# medicated feed for pregnant does?



## KRuss (Apr 27, 2013)

Can you feed medicated feed to a pregnant doe?

Also, if you had to choose between these feeds for a pregnant or milking doe which one would you choose? 
A. purina goat chow
Crude Protein (min.) 16.00%, Crude Fat (min.) 2.50%, Calcium (Ca) (min.) 0.80%, Salt (NaCl) (min.) 0.75%, Phosphorus (P) (min.) 0.60%, Crude Fiber (max.) 9.00%, Calcium (Ca) (max.) 1.30%, Salt (NaCl) (max.) 1.25%, Copper (Cu) (max.) 42 ppm, Copper (Cu) (min.) 39 ppm, Selenium (Se) (min.) 0.60 ppm, Vitamin A (min.) 5,000 IU/lb.

B. purina noble goat-medicated
Crude Protein (min.) 16.00%, Crude Fat (min.) 2.00%, Calcium (Ca) (min.) 0.80%, Phosphorus (P) (min.) 0.50%, Salt (NaCl) (min.) 0.40%, Crude Fiber (max.) 16.00%, Calcium (Ca) (max.) 1.20%, Salt (NaCl) (max.) 0.80%, Copper (Cu) ppm (max.) 27 ppm, Copper (Cu) ppm (min.) 22 ppm, Selenium (Se) ppm (min.) 0.30 ppm, Vitamin A (min.) 5,000 IU/lb.

C. dumor goat sweet formula
Crude Protein (min.) 16.00%, Crude Fat (min.) 3.50%, Calcium (Ca) (min.) .80%, Phosphorus (P) (min.) .50%, Salt (NaCl) (min.) .50%, Crude Fiber (max.) 12.00%, Calcium (Ca) (max.) 1.30%, Salt (NaCl) (max.) 1.00%, Copper (Cu) (min.) 40.00ppm, Copper (Cu) (max.) 45.00ppm, Selenium (Se) (min.) .60ppm, Zinc (Zn) (min.) 90.00ppm, Vitamin A (min.) 5000.00IU/lb., Vitamin D3 (min.) 750.00IU/lb., Vitamin E (min.) 40.00IU/lb


----------



## MsScamp (Feb 1, 2010)

I'm not sure I would feed medicated feed to a pregnant doe. What kind of hay are you providing? If it is a good grass/alfalfa mix or a good straight alfalfa hay, you should not need to supplement. Remember, you don't want to feed a lot of extra protein in the last trimester as it can easily cause bigger kids and kidding problems. If, for some reason, the does in question need supplementation I would go with alfalfa pellets fed at the rate of 1/2 to 1 lb per doe. 

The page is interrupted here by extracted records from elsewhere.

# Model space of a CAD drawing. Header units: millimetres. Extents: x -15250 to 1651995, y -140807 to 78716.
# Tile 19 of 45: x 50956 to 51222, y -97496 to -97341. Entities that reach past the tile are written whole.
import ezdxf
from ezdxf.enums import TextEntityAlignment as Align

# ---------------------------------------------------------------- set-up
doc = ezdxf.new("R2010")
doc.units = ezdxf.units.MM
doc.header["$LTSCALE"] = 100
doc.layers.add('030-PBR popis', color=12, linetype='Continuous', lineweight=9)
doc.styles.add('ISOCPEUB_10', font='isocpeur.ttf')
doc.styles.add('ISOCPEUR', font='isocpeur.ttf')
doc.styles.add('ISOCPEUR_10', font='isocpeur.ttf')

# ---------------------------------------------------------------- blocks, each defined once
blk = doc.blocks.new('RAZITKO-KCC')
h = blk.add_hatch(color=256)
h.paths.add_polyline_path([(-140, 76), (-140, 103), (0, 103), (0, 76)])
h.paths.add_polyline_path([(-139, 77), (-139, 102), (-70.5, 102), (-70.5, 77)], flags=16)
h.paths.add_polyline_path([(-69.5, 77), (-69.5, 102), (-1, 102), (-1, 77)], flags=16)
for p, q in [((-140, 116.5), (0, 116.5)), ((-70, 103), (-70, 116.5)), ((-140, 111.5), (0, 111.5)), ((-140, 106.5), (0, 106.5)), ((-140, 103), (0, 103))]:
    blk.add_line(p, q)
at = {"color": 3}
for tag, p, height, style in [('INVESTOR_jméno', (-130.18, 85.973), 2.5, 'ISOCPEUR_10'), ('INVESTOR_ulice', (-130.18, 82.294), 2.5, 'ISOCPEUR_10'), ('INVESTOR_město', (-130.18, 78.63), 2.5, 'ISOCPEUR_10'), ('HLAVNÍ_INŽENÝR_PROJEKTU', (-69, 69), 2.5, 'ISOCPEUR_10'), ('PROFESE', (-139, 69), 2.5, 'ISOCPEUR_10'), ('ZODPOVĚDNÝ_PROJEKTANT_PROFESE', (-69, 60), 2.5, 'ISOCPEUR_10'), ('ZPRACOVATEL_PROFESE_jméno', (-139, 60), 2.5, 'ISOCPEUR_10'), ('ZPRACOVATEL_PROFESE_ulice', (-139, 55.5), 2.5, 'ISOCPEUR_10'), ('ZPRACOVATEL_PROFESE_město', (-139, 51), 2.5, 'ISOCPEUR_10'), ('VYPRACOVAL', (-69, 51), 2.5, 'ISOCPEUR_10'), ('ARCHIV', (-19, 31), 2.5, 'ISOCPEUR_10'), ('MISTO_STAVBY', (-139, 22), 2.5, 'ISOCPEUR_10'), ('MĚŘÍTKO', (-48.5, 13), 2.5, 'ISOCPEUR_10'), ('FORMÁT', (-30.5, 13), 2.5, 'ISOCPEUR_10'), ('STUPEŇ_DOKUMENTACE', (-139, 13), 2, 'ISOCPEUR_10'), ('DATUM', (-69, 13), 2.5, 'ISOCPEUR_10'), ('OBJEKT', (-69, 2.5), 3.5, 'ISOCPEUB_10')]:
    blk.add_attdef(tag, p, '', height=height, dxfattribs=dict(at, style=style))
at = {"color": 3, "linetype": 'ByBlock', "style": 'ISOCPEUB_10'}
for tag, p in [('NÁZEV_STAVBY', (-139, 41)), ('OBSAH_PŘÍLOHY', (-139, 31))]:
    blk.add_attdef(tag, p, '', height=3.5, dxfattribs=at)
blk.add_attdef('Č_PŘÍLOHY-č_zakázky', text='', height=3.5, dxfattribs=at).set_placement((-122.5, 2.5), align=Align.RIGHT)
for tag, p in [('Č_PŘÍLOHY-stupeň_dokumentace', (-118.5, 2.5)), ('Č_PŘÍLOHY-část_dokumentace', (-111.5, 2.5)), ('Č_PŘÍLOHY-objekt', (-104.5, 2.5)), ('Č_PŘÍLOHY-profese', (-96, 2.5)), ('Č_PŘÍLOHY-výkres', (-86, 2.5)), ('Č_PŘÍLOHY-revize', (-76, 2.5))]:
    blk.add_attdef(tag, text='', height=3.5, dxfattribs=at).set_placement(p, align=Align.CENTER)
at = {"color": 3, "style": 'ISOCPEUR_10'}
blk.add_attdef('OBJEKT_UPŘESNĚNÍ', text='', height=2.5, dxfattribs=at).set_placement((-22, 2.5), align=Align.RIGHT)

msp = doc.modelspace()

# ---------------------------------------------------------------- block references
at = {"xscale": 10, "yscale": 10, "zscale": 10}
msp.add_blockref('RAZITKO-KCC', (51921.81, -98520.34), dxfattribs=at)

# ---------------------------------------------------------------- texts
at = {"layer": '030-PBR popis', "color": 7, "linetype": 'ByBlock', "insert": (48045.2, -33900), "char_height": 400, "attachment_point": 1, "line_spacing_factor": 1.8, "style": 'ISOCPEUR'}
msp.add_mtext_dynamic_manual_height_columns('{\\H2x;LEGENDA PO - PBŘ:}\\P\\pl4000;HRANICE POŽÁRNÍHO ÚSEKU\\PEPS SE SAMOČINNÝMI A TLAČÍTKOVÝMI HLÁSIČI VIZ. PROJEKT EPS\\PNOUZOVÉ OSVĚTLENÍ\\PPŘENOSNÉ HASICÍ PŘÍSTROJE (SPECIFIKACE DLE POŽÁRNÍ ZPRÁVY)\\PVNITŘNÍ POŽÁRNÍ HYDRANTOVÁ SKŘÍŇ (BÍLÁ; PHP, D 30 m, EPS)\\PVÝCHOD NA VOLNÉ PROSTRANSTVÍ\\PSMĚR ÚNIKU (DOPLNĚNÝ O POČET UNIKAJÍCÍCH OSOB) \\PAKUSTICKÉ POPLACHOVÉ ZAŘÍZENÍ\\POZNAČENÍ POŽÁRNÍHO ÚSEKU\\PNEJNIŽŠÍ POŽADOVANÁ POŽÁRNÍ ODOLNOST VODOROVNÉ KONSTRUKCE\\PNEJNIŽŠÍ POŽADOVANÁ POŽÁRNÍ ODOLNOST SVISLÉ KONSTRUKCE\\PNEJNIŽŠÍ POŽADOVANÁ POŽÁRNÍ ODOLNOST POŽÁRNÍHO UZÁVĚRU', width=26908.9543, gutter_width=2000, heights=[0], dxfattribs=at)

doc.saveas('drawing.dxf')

As for the feeds - if those are my only 3 choices, I would probably go with the Dumor because I refuse to feed Purina. I would also check out the website for ADM Alliance and Essential Show Feeds to see if I could find a dealer in my area.


----------



## ksalvagno (Oct 6, 2009)

You can. The medicated feed is for coccidia so it really isn't necessary. Is that all you can really get? Really don't like any of those choices.


----------



## Jessica84 (Oct 27, 2011)

I would look around as well. Just keep in mind just because its not labeled goat doesn't mean you can't feed it. But watch what's in it....for example stay far away from urea.....trust me on this!!!


----------



## KRuss (Apr 27, 2013)

I spoke with the feed store and they can get purina noble goat dairy parlor for me. Also the feed store in the next town sells ADM Alliance dairy pellet?? I don't know anything about that one though do you?


----------



## ksalvagno (Oct 6, 2009)

ADM is a much better quality pellet. Definitely get that.


----------



## MsScamp (Feb 1, 2010)

KRuss said:


> I spoke with the feed store and they can get purina noble goat dairy parlor for me. Also the feed store in the next town sells ADM Alliance dairy pellet?? I don't know anything about that one though do you?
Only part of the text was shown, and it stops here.